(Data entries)
┌──

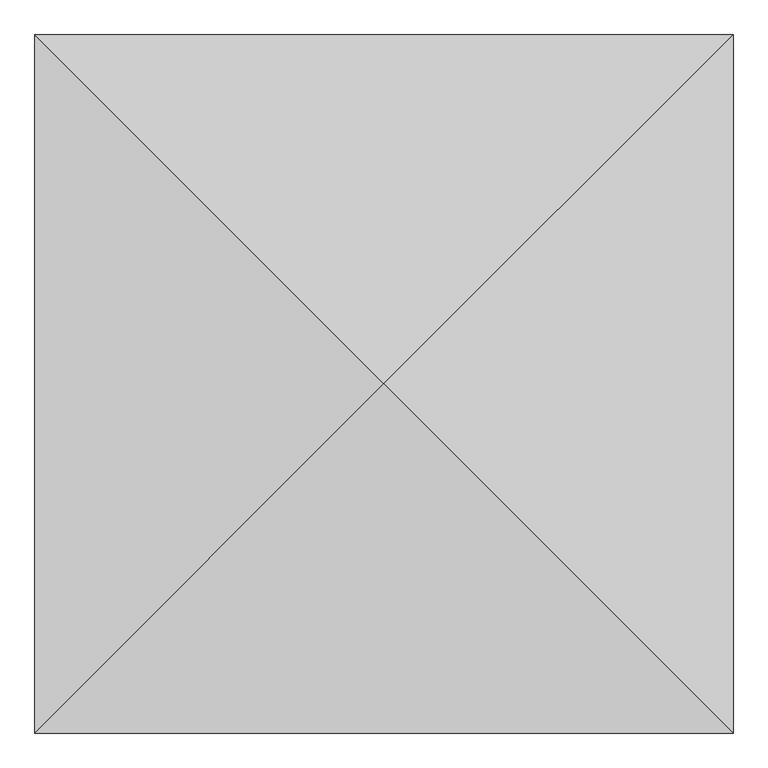
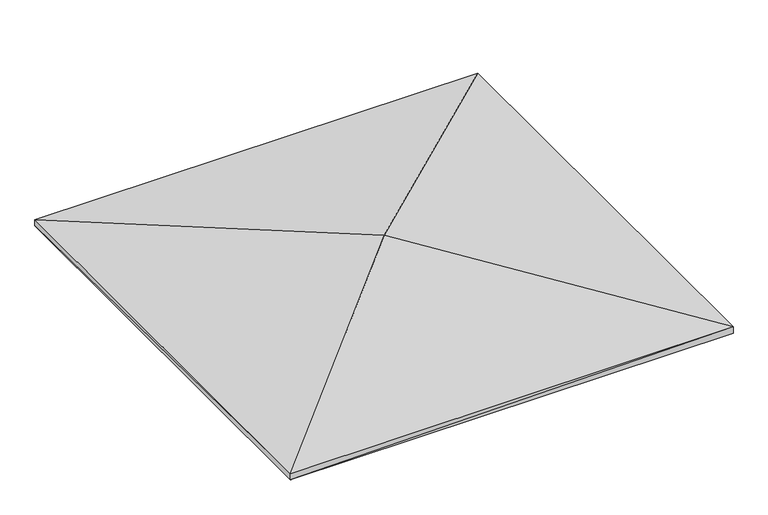
"""IFC4 building model written with IfcOpenShell, lengths in millimetres: geographic element geometry, Enscape AssetDefinition - Stone 002 Pebbles : Enscape AssetDefinition - Stone 002 Pebbles."""

from ifc_helpers import new_model, si_unit, origin, place, context, project, spatial, faceted_brep, source, transform, mapped, element, save


def geographic_element_ffb6b139(model_context):
    return source(origin(), model_context, "Body", "Brep", [
        faceted_brep([(999.1142154, 999.1142154, 0.0), (-999.1142154, -999.1142154, 0.0), (-999.1142154, 999.1142154, 0.0), (999.1142154, -999.1142154, 0.0), (999.1142154, -999.1142154, 29.9493484), (-999.1142154, -999.1142154, 29.9493484), (999.1142154, 999.1142154, 29.9493428), (-999.1142154, 999.1142154, 29.9493428), (0.0, -1.9e-06, 212.2415751)], [[[0, 1, 2]], [[1, 0, 3]], [[4, 1, 3]], [[1, 4, 5]], [[6, 3, 0]], [[3, 6, 4]], [[7, 0, 2]], [[0, 7, 6]], [[5, 2, 1]], [[2, 5, 7]], [[8, 5, 4]], [[8, 4, 6]], [[8, 6, 7]], [[8, 7, 5]]]),
    ])


if __name__ == "__main__":
    model = new_model("IFC4")
    model_context = context("Model", 3, world=origin())
    ifc_project = project(units=[si_unit("LENGTHUNIT", "METRE", prefix="MILLI")], contexts=[model_context])
    site = spatial("IfcSite", under=ifc_project)
    building = spatial("IfcBuilding", under=site)
    placement = place(None, origin())
    geographic_element_shape = geographic_element_ffb6b139(model_context)
    element("IfcGeographicElement", 1, ObjectType="Enscape AssetDefinition - Stone 002 Pebbles : Enscape AssetDefinition - Stone 002 Pebbles", at=placement, inside=building, context=model_context, shape_type="MappedRepresentation", body=[
        mapped(geographic_element_shape, transform((0.0, 0.0, 0.0), x_axis=(1.0, 0.0, 0.0), y_axis=(0.0, 1.0, 0.0), z_axis=(0.0, 0.0, 1.0))),
    ])
    save(model, "model.ifc")

# Revit data of these elements
# Type "Enscape AssetDefinition - Stone 002 Pebbles : Enscape AssetDefinition - Stone 002 Pebbles"
#   EnscapeAssetSource = "REMOTE"
#   EnscapeAssetId = "04fc6e15-b291-4b78-af55-c23c3feeb414"
#   Height = 0.212242 m
#   EnscapeNativeAssetHeight = 0.212242 m
#   Default Elevation = 0
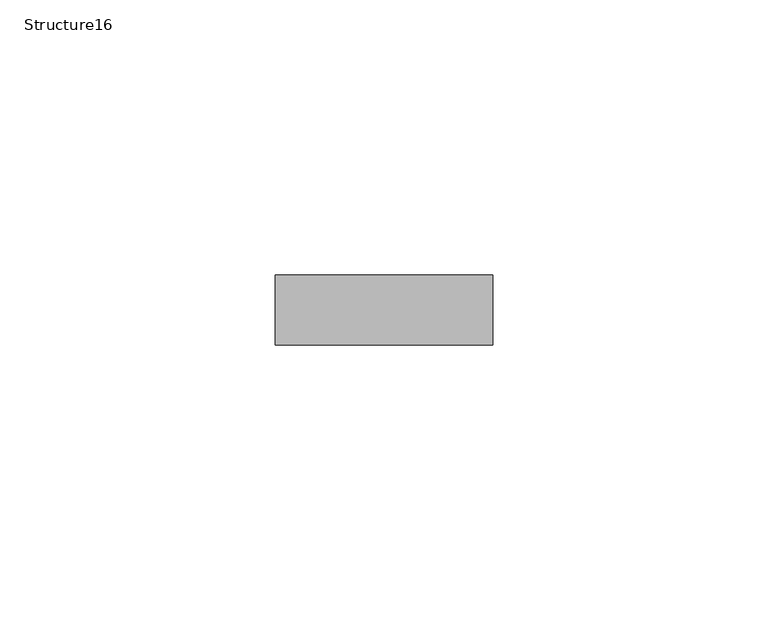
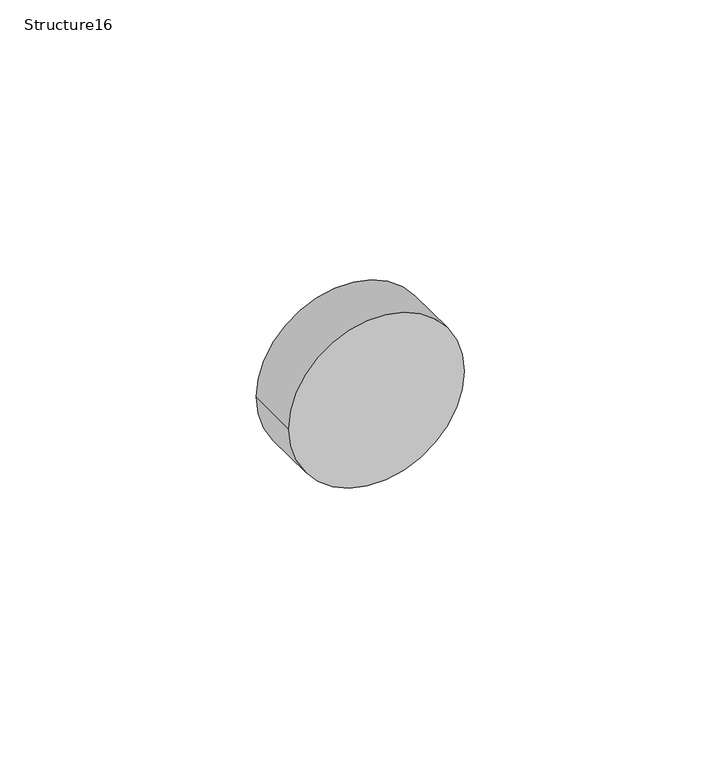
"""IFC4 building model written with IfcOpenShell, lengths in millimetres: proxy geometry, Structure16 : Structure668217137."""

from ifc_helpers import new_model, si_unit, point, frame, frame_2d, origin, place, context, project, spatial, circle_curve, trimmed, segment, composite_curve, outline, extrude, source, transform, mapped, element, save


def structure16_9385795e(model_context):
    return source(origin(), model_context, "Body", "SweptSolid", [
        extrude(outline(composite_curve([segment(trimmed(circle_curve(frame_2d((38047.8454063, 5185.7383658)), 19.7708678), [point((38047.8454063, 5165.967498))], [point((38047.8454063, 5205.5092336))], False, "CARTESIAN"), True, "CONTINUOUS"), segment(trimmed(circle_curve(frame_2d((38047.8454063, 5185.7383658)), 19.7708678), [point((38047.8454063, 5205.5092336))], [point((38047.8454063, 5165.967498))], False, "CARTESIAN"), True, "CONTINUOUS")], self_intersect=False)), frame((0.0, 1913.4572934, 0.0), z_axis=(0.0, 1.0, 0.0), x_axis=(0.0, 0.0, 1.0)), (0.0, 0.0, 1.0), 12.7),
    ])


if __name__ == "__main__":
    model = new_model("IFC4")
    model_context = context("Model", 3, world=origin())
    ifc_project = project(units=[si_unit("LENGTHUNIT", "METRE", prefix="MILLI")], contexts=[model_context])
    site = spatial("IfcSite", under=ifc_project)
    building = spatial("IfcBuilding", under=site)
    placement = place(None, origin())
    structure16_shape = structure16_9385795e(model_context)
    element("IfcBuildingElementProxy", 1, Name="Structure16 : Structure668217137", ObjectType="Structure16 : Structure668217137", at=placement, inside=building, context=model_context, shape_type="MappedRepresentation", body=[
        mapped(structure16_shape, transform((0.0, 0.0, 0.0), x_axis=(1.0, 0.0, 0.0), y_axis=(0.0, 1.0, 0.0), z_axis=(0.0, 0.0, 1.0))),
    ])
    save(model, "model.ifc")

# Revit data of these elements
# Type "Structure16 : Structure668217137"
#   NameOverride = "Structure668217137"
# Element 1 (IfcBuildingElementProxy, "Structure16 : Structure668217137")
#   Materials on its faces: "1.5\" DIA. STAINLESS STEEL RAILING"
# Materials
#   "1.5\" DIA. STAINLESS STEEL RAILING": class "Unassigned", colour RGB 128 128 128, transparency 0, Cost = 0

└──

** WORK INSTRUCTIONS **
All of the records should be output exactly as they stand, with pictures omitted.

** EXPECTED OUTPUT **
"""IFC4 building model written with IfcOpenShell, lengths in millimetres: geographic element geometry, Enscape AssetDefinition - Stone 002 Pebbles : Enscape AssetDefinition - Stone 002 Pebbles."""

from ifc_helpers import new_model, si_unit, origin, place, context, project, spatial, faceted_brep, source, transform, mapped, element, save


def geographic_element_ffb6b139(model_context):
    return source(origin(), model_context, "Body", "Brep", [
        faceted_brep([(999.1142154, 999.1142154, 0.0), (-999.1142154, -999.1142154, 0.0), (-999.1142154, 999.1142154, 0.0), (999.1142154, -999.1142154, 0.0), (999.1142154, -999.1142154, 29.9493484), (-999.1142154, -999.1142154, 29.9493484), (999.1142154, 999.1142154, 29.9493428), (-999.1142154, 999.1142154, 29.9493428), (0.0, -1.9e-06, 212.2415751)], [[[0, 1, 2]], [[1, 0, 3]], [[4, 1, 3]], [[1, 4, 5]], [[6, 3, 0]], [[3, 6, 4]], [[7, 0, 2]], [[0, 7, 6]], [[5, 2, 1]], [[2, 5, 7]], [[8, 5, 4]], [[8, 4, 6]], [[8, 6, 7]], [[8, 7, 5]]]),
    ])


if __name__ == "__main__":
    model = new_model("IFC4")
    model_context = context("Model", 3, world=origin())
    ifc_project = project(units=[si_unit("LENGTHUNIT", "METRE", prefix="MILLI")], contexts=[model_context])
    site = spatial("IfcSite", under=ifc_project)
    building = spatial("IfcBuilding", under=site)
    placement = place(None, origin())
    geographic_element_shape = geographic_element_ffb6b139(model_context)
    element("IfcGeographicElement", 1, ObjectType="Enscape AssetDefinition - Stone 002 Pebbles : Enscape AssetDefinition - Stone 002 Pebbles", at=placement, inside=building, context=model_context, shape_type="MappedRepresentation", body=[
        mapped(geographic_element_shape, transform((0.0, 0.0, 0.0), x_axis=(1.0, 0.0, 0.0), y_axis=(0.0, 1.0, 0.0), z_axis=(0.0, 0.0, 1.0))),
    ])
    save(model, "model.ifc")

# Revit data of these elements
# Type "Enscape AssetDefinition - Stone 002 Pebbles : Enscape AssetDefinition - Stone 002 Pebbles"
#   EnscapeAssetSource = "REMOTE"
#   EnscapeAssetId = "04fc6e15-b291-4b78-af55-c23c3feeb414"
#   Height = 0.212242 m
#   EnscapeNativeAssetHeight = 0.212242 m
#   Default Elevation = 0
"""IFC4 building model written with IfcOpenShell, lengths in millimetres: proxy geometry, Structure16 : Structure668217137."""

from ifc_helpers import new_model, si_unit, point, frame, frame_2d, origin, place, context, project, spatial, circle_curve, trimmed, segment, composite_curve, outline, extrude, source, transform, mapped, element, save


def structure16_9385795e(model_context):
    return source(origin(), model_context, "Body", "SweptSolid", [
        extrude(outline(composite_curve([segment(trimmed(circle_curve(frame_2d((38047.8454063, 5185.7383658)), 19.7708678), [point((38047.8454063, 5165.967498))], [point((38047.8454063, 5205.5092336))], False, "CARTESIAN"), True, "CONTINUOUS"), segment(trimmed(circle_curve(frame_2d((38047.8454063, 5185.7383658)), 19.7708678), [point((38047.8454063, 5205.5092336))], [point((38047.8454063, 5165.967498))], False, "CARTESIAN"), True, "CONTINUOUS")], self_intersect=False)), frame((0.0, 1913.4572934, 0.0), z_axis=(0.0, 1.0, 0.0), x_axis=(0.0, 0.0, 1.0)), (0.0, 0.0, 1.0), 12.7),
    ])


if __name__ == "__main__":
    model = new_model("IFC4")
    model_context = context("Model", 3, world=origin())
    ifc_project = project(units=[si_unit("LENGTHUNIT", "METRE", prefix="MILLI")], contexts=[model_context])
    site = spatial("IfcSite", under=ifc_project)
    building = spatial("IfcBuilding", under=site)
    placement = place(None, origin())
    structure16_shape = structure16_9385795e(model_context)
    element("IfcBuildingElementProxy", 1, Name="Structure16 : Structure668217137", ObjectType="Structure16 : Structure668217137", at=placement, inside=building, context=model_context, shape_type="MappedRepresentation", body=[
        mapped(structure16_shape, transform((0.0, 0.0, 0.0), x_axis=(1.0, 0.0, 0.0), y_axis=(0.0, 1.0, 0.0), z_axis=(0.0, 0.0, 1.0))),
    ])
    save(model, "model.ifc")

# Revit data of these elements
# Type "Structure16 : Structure668217137"
#   NameOverride = "Structure668217137"
# Element 1 (IfcBuildingElementProxy, "Structure16 : Structure668217137")
#   Materials on its faces: "1.5\" DIA. STAINLESS STEEL RAILING"
# Materials
#   "1.5\" DIA. STAINLESS STEEL RAILING": class "Unassigned", colour RGB 128 128 128, transparency 0, Cost = 0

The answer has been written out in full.